His compassion sank and his sorrow fixed on Veronica's sealed lips. The couple's sorrowful eyes met and teemed with tears. She stared at him curiously and immediately noticed a drastic change in her alienated husband and it showed in her eyes. Mural wasn't the same and would never be again. All she could do was watch.

Mural went pale. The convulsions assumed control of him as his blood turned to ice, slowly sliding through his veins. With teeth clattering and knees shaking, blue tints replaced the pink in his cheeks and nose, as all natural color left him. All heat sped from him and leaked into the night, escaping with his breath into the air in a gray cloud, puffing from his purple lips up into the hot air, condensing and hovering around him. He wrapped his long black coat tighter and felt no warmth as the constrictions of the deal he had made continued to suck the heat from him. The demon slithered over to Veronica.
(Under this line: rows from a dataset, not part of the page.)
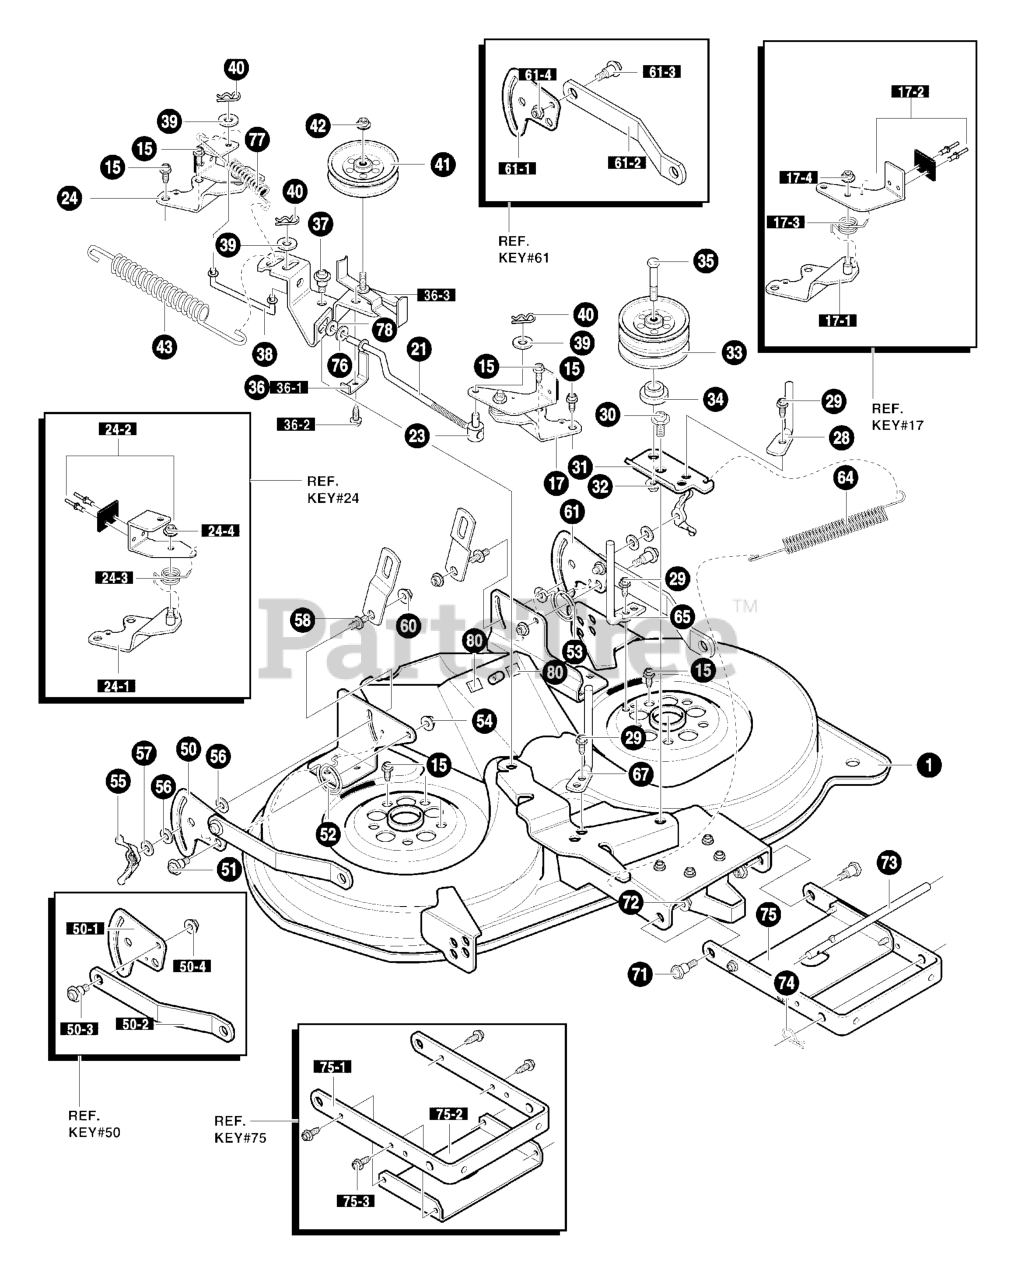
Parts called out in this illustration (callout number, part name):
1	MOWER DECK REBA
15	SCREW, 3/8-16 x 1.00
17	BRAKE ARM ASSEMBLY LH
17-1	BRAKE SUPPORT ASSEMBLY LH
17-2	BRAKE ARM ASSEMBLY LH
17-3	SPRING, TORSION
17-4	NUT, 5/16-18
21	LINK, BRAKE LH
23	NUT, ADJUSTING
24	BRAKE ARM ASSEMBLY RH
24-1	BRAKE SUPPORT ASSEMBLY RH
24-2	BRAKE ARM ASSEMBLY RH
24-3	SPRING, TORSION
24-4	NUT, 5/16-18 WDFLLK
28	BELT GUIDE
29	SCREW, 5/16-18 x 0.50
30	BOLT, .50X.75 HHSH 3/8-16
31	ARM, DOUBLE IDLER
32	NUT, 3/8-16
33	PULLEY, IDLER DOUBLE VEE
34	SPACER, DECK
35	SCREW, 3/8-16 x 3.00
36	IDLER ARM ASSY
36-1	SPRING - BELT GUIDE
36-2	SCREW 1/4-20X.50
36-3	IDLER ARM ASSEMBLY
37	BOLT, .50X.75 HHSH 3/8-16
38	LINK, BRAKE RH
39	WASHER, FLAT
40	PIN, HAIR
41	PULLEY, V IDLER 4"
42	NUT, 3/8-16
43	SPRING, EXTENSION
50	ASM. PLATE, REAR SUS. BRKT, RH
50-1	PLATE-SUSPENSION
50-2	SUSPENSION BRKT REAR
50-3	BOLT, SHOULDER 3/8-16
50-4	NUT, 3/8-16
51	BOLT, SHOULDER .375
52	SPRING, TORSION .68LG RH
53	SPRING, TORSION .68LG LH
54	NUT, 3/8-16
55	WINGNUT
56	PAD, FRICTION
57	WASHER
58	PIN, HANGER
60	NUT, 3/8-16
61	ASM. PLATE, REAR SUS. BRKT LH
61-1	PLATE - SUSPENSION
61-2	SUSPENSION BRKT REAR
61-3	BOLT, SHOULDER 3/8-16
61-4	NUT, 3/8-16
64	SPRING, EXTENSION
65	GUIDE, BELT
67	GUIDE, BELT
71	BOLT, SHOULDER .375
72	NUT, 3/8-16
73	ZINC ROD, HANGER
74	PIN, HAIR
75	SUB. ASM. BRKT & STIFFNER
75-1	BRACKET, FRONT SUSPENSION
75-2	STIFFENER, DECK
75-3	SCREW, 5/16-18 x 0.75
76	WASHER, FLAT
77	SPRING, EXTENSION 1.94LG
78	WASHER, FLAT INSULATE
80	PAD, ADHESIVE

"From now on my puppet, assuming that you wish to see her again...well, I'll put it simply, just stay alive. Enjoy the gift." It hissed and gently clutched Veronica's hand.

Mural watched as the demon lead her off over the dark horizon, her hand raised in a dreamy reach for her husband. Yearning to save her, Mural reached out as well, but that was all the movement he could muster. They stretched for each other until she disappeared into a haze of enveloping shadows that covered the demon's departure. With one last wave of her pink hand, she disappeared.
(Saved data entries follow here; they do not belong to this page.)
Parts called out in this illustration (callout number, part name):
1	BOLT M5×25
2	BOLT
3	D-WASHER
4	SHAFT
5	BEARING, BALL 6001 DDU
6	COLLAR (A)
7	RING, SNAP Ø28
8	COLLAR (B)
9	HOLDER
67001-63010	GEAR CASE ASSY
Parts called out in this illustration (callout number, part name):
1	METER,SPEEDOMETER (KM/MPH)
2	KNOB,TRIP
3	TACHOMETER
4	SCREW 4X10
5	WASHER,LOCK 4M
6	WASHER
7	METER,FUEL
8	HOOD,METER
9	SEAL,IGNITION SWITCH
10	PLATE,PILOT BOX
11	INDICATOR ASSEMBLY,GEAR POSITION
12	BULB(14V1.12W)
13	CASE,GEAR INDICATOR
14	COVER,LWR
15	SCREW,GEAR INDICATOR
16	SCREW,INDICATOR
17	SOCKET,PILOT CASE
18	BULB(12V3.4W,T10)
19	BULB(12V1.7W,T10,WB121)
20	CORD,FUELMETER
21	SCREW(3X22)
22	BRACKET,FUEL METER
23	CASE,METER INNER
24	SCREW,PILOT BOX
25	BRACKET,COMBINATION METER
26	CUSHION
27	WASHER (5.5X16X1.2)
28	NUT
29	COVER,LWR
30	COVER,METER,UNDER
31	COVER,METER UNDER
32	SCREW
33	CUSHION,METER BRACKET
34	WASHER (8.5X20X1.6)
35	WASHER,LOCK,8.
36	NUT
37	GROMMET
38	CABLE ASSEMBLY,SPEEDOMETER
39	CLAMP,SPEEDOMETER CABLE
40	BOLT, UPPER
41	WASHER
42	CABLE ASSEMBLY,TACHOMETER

His search began after that night. A hunt that lasted for two hundred years. There were no expenses to be spared; she meant everything.

Chapter 10

Walking away from the night he lost his wife again, his entire purpose became darker than his previous murders could have ever whispered. For the first month Mural couldn't stomach much food; the lumpy blue orb, this gift, clogged his throat almost completely. Liquid proved to be the easiest substance to get past the gift. His life was bleak once again.
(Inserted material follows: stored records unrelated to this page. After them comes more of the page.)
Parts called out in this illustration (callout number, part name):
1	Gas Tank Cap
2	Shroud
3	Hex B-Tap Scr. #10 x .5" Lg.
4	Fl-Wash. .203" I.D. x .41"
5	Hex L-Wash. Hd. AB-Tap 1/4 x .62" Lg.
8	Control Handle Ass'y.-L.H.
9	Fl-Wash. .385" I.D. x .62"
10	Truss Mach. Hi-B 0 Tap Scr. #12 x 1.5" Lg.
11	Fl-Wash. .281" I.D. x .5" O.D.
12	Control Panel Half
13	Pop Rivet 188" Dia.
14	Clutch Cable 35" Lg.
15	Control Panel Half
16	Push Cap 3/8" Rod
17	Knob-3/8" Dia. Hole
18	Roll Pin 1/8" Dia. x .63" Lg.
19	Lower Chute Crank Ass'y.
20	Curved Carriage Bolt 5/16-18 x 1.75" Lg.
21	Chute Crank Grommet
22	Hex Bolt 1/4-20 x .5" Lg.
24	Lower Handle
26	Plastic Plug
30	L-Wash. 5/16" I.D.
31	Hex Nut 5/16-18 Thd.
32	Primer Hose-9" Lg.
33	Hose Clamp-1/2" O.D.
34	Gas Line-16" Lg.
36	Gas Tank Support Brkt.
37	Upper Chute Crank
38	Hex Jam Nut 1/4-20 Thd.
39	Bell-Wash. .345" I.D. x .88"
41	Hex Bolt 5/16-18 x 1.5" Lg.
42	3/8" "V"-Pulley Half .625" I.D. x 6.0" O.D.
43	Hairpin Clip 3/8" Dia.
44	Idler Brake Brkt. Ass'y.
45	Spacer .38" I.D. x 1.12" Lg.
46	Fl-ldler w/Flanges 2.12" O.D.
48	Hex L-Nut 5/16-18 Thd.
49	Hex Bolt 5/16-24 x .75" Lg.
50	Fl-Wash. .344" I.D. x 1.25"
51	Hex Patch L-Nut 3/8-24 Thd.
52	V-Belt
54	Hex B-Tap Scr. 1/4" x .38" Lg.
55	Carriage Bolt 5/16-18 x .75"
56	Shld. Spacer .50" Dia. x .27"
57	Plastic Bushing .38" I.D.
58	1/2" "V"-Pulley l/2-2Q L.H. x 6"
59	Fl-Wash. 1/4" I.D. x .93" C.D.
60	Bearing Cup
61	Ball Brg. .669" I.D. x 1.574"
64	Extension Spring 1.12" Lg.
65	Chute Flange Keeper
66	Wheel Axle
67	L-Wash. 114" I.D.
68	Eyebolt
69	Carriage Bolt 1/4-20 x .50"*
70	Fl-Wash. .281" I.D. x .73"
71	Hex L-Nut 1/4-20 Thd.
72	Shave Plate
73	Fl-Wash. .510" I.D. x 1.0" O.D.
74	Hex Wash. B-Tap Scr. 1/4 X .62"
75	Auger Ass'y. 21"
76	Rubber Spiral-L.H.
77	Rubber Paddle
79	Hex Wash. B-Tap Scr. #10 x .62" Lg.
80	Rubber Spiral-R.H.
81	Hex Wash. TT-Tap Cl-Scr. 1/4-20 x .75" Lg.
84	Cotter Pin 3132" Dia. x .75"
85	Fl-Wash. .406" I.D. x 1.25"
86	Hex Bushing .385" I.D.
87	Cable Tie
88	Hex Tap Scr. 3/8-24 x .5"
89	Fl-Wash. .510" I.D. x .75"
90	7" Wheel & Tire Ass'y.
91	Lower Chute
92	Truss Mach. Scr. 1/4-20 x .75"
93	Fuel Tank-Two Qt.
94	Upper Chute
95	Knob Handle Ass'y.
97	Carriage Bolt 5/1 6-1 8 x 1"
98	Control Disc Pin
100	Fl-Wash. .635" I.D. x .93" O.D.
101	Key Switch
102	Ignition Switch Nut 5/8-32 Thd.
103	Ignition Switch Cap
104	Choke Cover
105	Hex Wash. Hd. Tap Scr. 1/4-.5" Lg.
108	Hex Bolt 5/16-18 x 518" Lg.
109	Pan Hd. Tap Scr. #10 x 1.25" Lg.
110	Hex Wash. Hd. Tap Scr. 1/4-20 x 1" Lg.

Veronica was gone for a second time, but this time she needed to be saved. He needed to recover his soul and her life. Love's return proved harder than its departure; everything human inside his chest beat for only her.

No matter how callow or abundant his emotions, the gift struggled with his feelings, taunting and influencing what happened inside him. It seemed to study his every notion and mimic his reactions, trying to fit in. After the gruesome night on the porch, all that was inside of Mural, everything he thought or did, felt as if he had little or no part in it.

If a feeling came to him, there was no way for him to be sure it was genuine.

Most of his sensations felt skewed or mangled by the gift. The stubborn feelings it radiated swayed him heavily for the first month. After a week it began to pity itself, constantly moaning in melancholy, yearning for its home, wherever that was. After two weeks, Mural struggled to find where it was stolen from. The gift began to resist him with such vigor and passion that he started to pity it. He wondered how to set it free. So alien was the feeling between them that the first time he sneezed, he kept his hand far away from his lips, hoping it would shoot out. But it burrowed deeper within him, further down than his past heartbreaks, and it rested in his guilt, sharing space with his shattered soul.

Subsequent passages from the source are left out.